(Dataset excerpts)
────────────────────

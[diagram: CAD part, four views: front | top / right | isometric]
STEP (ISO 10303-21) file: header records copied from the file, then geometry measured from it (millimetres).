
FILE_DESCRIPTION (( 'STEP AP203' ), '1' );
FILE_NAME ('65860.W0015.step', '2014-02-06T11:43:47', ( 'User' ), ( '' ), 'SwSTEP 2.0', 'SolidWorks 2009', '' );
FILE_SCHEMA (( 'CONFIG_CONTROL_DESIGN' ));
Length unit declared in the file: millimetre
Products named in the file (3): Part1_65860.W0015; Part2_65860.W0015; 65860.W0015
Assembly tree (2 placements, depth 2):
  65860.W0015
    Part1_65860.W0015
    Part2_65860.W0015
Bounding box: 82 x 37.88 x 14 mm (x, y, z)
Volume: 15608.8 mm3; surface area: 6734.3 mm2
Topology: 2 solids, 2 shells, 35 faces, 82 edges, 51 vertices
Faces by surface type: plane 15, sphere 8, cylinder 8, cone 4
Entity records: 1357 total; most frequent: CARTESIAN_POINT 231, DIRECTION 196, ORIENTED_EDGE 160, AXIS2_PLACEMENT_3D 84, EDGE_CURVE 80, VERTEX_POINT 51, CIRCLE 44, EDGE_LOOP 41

────────────────────

WORK ITEM:
Using the entries above, give again each line from the one containing "STEP (ISO 10303-21)" through the last line, exactly and only those.

COMPLETED TASK:
STEP (ISO 10303-21) file: header records copied from the file, then geometry measured from it (millimetres).
FILE_DESCRIPTION (( 'STEP AP203' ), '1' );
FILE_NAME ('65860.W0015.step', '2014-02-06T11:43:47', ( 'User' ), ( '' ), 'SwSTEP 2.0', 'SolidWorks 2009', '' );
FILE_SCHEMA (( 'CONFIG_CONTROL_DESIGN' ));
Length unit declared in the file: millimetre
Products named in the file (3): Part1_65860.W0015; Part2_65860.W0015; 65860.W0015
Assembly tree (2 placements, depth 2):
  65860.W0015
    Part1_65860.W0015
    Part2_65860.W0015
Bounding box: 82 x 37.88 x 14 mm (x, y, z)
Volume: 15608.8 mm3; surface area: 6734.3 mm2
Topology: 2 solids, 2 shells, 35 faces, 82 edges, 51 vertices
Faces by surface type: plane 15, sphere 8, cylinder 8, cone 4
Entity records: 1357 total; most frequent: CARTESIAN_POINT 231, DIRECTION 196, ORIENTED_EDGE 160, AXIS2_PLACEMENT_3D 84, EDGE_CURVE 80, VERTEX_POINT 51, CIRCLE 44, EDGE_LOOP 41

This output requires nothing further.